One of my things, that's made it more difficult in the short run, is lack of licks. I decided - for right or wrong, that I didn't want to procure the regular set of vocab and have pre-arranged licks. Now of course I see the value in this and I TEACH students all about this and give them reams of lines, because thats the accepted way it's done. But FOR ME jazz is the art of improvisation and I wanted to actually learn to improvise stream of consciousness.

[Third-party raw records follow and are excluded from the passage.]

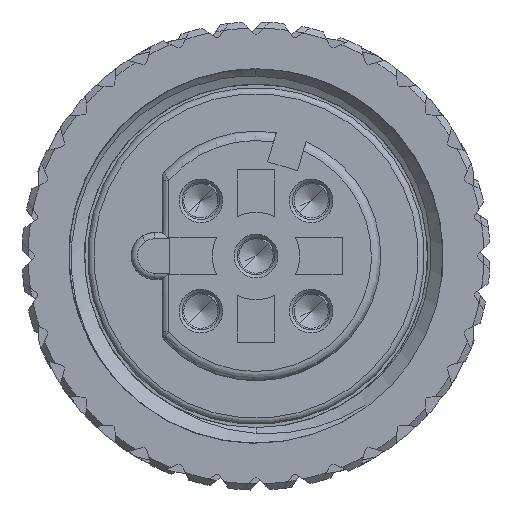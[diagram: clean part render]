
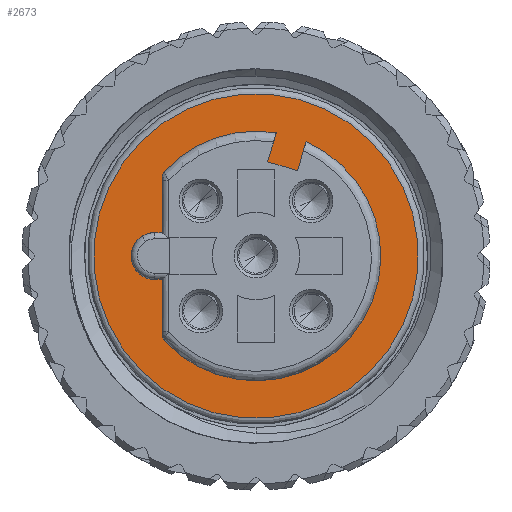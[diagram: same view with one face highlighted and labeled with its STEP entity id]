
A CAD part, front view. The second image highlights one B-rep face of the part: STEP entity #2673.
In plain terms, the highlighted planar face has unit normal (0, -1, 0).
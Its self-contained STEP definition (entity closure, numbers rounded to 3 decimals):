
#2673=ADVANCED_FACE('',(#4287,#4288),#3801,.T.);
#3801=PLANE('',#21013);
#4287=FACE_BOUND('',#4547,.T.);
#4288=FACE_BOUND('',#4548,.T.);
#4547=EDGE_LOOP('',(#8766));
#4548=EDGE_LOOP('',(#8767,#8768,#8769,#8770,#8771,#8772,#8773,#8774,#8775,
#8776,#8777,#8778));
#5828=LINE('',#28892,#7234);
#5829=LINE('',#28896,#7235);
#5830=LINE('',#28898,#7236);
#5831=LINE('',#28900,#7237);
#5832=LINE('',#28903,#7238);
#5833=LINE('',#28905,#7239);
#5834=LINE('',#28909,#7240);
#7234=VECTOR('',#23220,1.);
#7235=VECTOR('',#23223,1.);
#7236=VECTOR('',#23224,1.);
#7237=VECTOR('',#23225,1.);
#7238=VECTOR('',#23228,1.);
#7239=VECTOR('',#23229,1.);
#7240=VECTOR('',#23232,1.);
#8766=ORIENTED_EDGE('',*,*,#17008,.T.);
#8767=ORIENTED_EDGE('',*,*,#17009,.T.);
#8768=ORIENTED_EDGE('',*,*,#17010,.T.);
#8769=ORIENTED_EDGE('',*,*,#16961,.T.);
#8770=ORIENTED_EDGE('',*,*,#17011,.T.);
#8771=ORIENTED_EDGE('',*,*,#17012,.T.);
#8772=ORIENTED_EDGE('',*,*,#17013,.T.);
#8773=ORIENTED_EDGE('',*,*,#16965,.T.);
#8774=ORIENTED_EDGE('',*,*,#17014,.T.);
#8775=ORIENTED_EDGE('',*,*,#17015,.T.);
#8776=ORIENTED_EDGE('',*,*,#17016,.T.);
#8777=ORIENTED_EDGE('',*,*,#17017,.T.);
#8778=ORIENTED_EDGE('',*,*,#17018,.T.);
#14881=VERTEX_POINT('',#28797);
#14882=VERTEX_POINT('',#28798);
#14883=VERTEX_POINT('',#28803);
#14884=VERTEX_POINT('',#28805);
#14921=VERTEX_POINT('',#28891);
#14922=VERTEX_POINT('',#28893);
#14923=VERTEX_POINT('',#28894);
#14924=VERTEX_POINT('',#28897);
#14925=VERTEX_POINT('',#28899);
#14926=VERTEX_POINT('',#28902);
#14927=VERTEX_POINT('',#28904);
#14928=VERTEX_POINT('',#28906);
#14929=VERTEX_POINT('',#28908);
#16961=EDGE_CURVE('',#14881,#14882,#20026,.T.);
#16965=EDGE_CURVE('',#14884,#14883,#20027,.T.);
#17008=EDGE_CURVE('',#14921,#14921,#20044,.T.);
#17009=EDGE_CURVE('',#14922,#14923,#5828,.T.);
#17010=EDGE_CURVE('',#14923,#14881,#20045,.T.);
#17011=EDGE_CURVE('',#14882,#14924,#5829,.T.);
#17012=EDGE_CURVE('',#14924,#14925,#5830,.T.);
#17013=EDGE_CURVE('',#14925,#14884,#5831,.T.);
#17014=EDGE_CURVE('',#14883,#14926,#20046,.T.);
#17015=EDGE_CURVE('',#14926,#14927,#5832,.T.);
#17016=EDGE_CURVE('',#14927,#14928,#5833,.T.);
#17017=EDGE_CURVE('',#14928,#14929,#20047,.T.);
#17018=EDGE_CURVE('',#14929,#14922,#5834,.T.);
#20026=CIRCLE('',#20984,4.);
#20027=CIRCLE('',#20986,4.);
#20044=CIRCLE('',#21009,5.2);
#20045=CIRCLE('',#21010,0.2);
#20046=CIRCLE('',#21011,0.2);
#20047=CIRCLE('',#21012,0.75);
#20984=AXIS2_PLACEMENT_3D('',#28796,#23139,#23140);
#20986=AXIS2_PLACEMENT_3D('',#28804,#23146,#23147);
#21009=AXIS2_PLACEMENT_3D('',#28890,#23218,#23219);
#21010=AXIS2_PLACEMENT_3D('',#28895,#23221,#23222);
#21011=AXIS2_PLACEMENT_3D('',#28901,#23226,#23227);
#21012=AXIS2_PLACEMENT_3D('',#28907,#23230,#23231);
#21013=AXIS2_PLACEMENT_3D('',#28910,#23233,#23234);
#23139=DIRECTION('',(0.,1.,0.));
#23140=DIRECTION('',(-0.707,0.,0.707));
#23146=DIRECTION('',(0.,1.,0.));
#23147=DIRECTION('',(-0.707,0.,0.707));
#23218=DIRECTION('',(0.,-1.,0.));
#23219=DIRECTION('',(-0.707,0.,0.707));
#23220=DIRECTION('',(0.,0.,1.));
#23221=DIRECTION('',(0.,1.,0.));
#23222=DIRECTION('',(-0.707,0.,0.707));
#23223=DIRECTION('',(-0.284,0.,-0.959));
#23224=DIRECTION('',(0.959,0.,-0.284));
#23225=DIRECTION('',(0.284,0.,0.959));
#23226=DIRECTION('',(0.,1.,0.));
#23227=DIRECTION('',(-0.707,0.,0.707));
#23228=DIRECTION('',(0.,0.,1.));
#23229=DIRECTION('',(-1.,0.,0.));
#23230=DIRECTION('',(0.,1.,0.));
#23231=DIRECTION('',(-0.707,0.,0.707));
#23232=DIRECTION('',(1.,0.,0.));
#23233=DIRECTION('',(0.,-1.,0.));
#23234=DIRECTION('',(-0.707,0.,-0.707));
#28796=CARTESIAN_POINT('',(0.,-120.949,0.));
#28797=CARTESIAN_POINT('',(-2.947,-120.949,2.704));
#28798=CARTESIAN_POINT('',(0.648,-120.949,3.947));
#28803=CARTESIAN_POINT('',(-2.947,-120.949,-2.704));
#28804=CARTESIAN_POINT('',(0.,-120.949,0.));
#28805=CARTESIAN_POINT('',(1.607,-120.949,3.663));
#28890=CARTESIAN_POINT('',(0.,-120.949,0.));
#28891=CARTESIAN_POINT('',(-3.677,-120.949,3.677));
#28892=CARTESIAN_POINT('',(-3.,-120.949,0.));
#28893=CARTESIAN_POINT('',(-3.,-120.949,0.75));
#28894=CARTESIAN_POINT('',(-3.,-120.949,2.569));
#28895=CARTESIAN_POINT('',(-2.8,-120.949,2.569));
#28896=CARTESIAN_POINT('',(1.225,-120.949,5.895));
#28897=CARTESIAN_POINT('',(0.373,-120.949,3.018));
#28898=CARTESIAN_POINT('',(0.373,-120.949,3.018));
#28899=CARTESIAN_POINT('',(1.331,-120.949,2.734));
#28900=CARTESIAN_POINT('',(1.331,-120.949,2.734));
#28901=CARTESIAN_POINT('',(-2.8,-120.949,-2.569));
#28902=CARTESIAN_POINT('',(-3.,-120.949,-2.569));
#28903=CARTESIAN_POINT('',(-3.,-120.949,0.));
#28904=CARTESIAN_POINT('',(-3.,-120.949,-0.75));
#28905=CARTESIAN_POINT('',(0.,-120.949,-0.75));
#28906=CARTESIAN_POINT('',(-3.25,-120.949,-0.75));
#28907=CARTESIAN_POINT('',(-3.25,-120.949,0.));
#28908=CARTESIAN_POINT('',(-3.25,-120.949,0.75));
#28909=CARTESIAN_POINT('',(0.,-120.949,0.75));
#28910=CARTESIAN_POINT('',(0.,-120.949,0.));

So I HAVE practiced my ii-Vs to the point where I get it and no longer pull them out of a hat. And learn some lines to the point where I get it and don't pull them out of my hat. But mainly I practiced tunes, soling at various tempos and creating my own lines. Transcriptions to the point where I HEAR what's going on and can intellectually justify the notes against the chords, understand the scalar and chordal neighbors/enclosures/bop phraseology but never pulled the rabbits out of my hat, simply because I never spent the time or saw the value in memorizing them.

That said you can achieve speed and learn to phrase without memorizing licks. But you have to practice playing the tunes like Cherokee, Rhythm changes, Donna Lee, Domingo at 250-280 or above, until you just feel comfortable.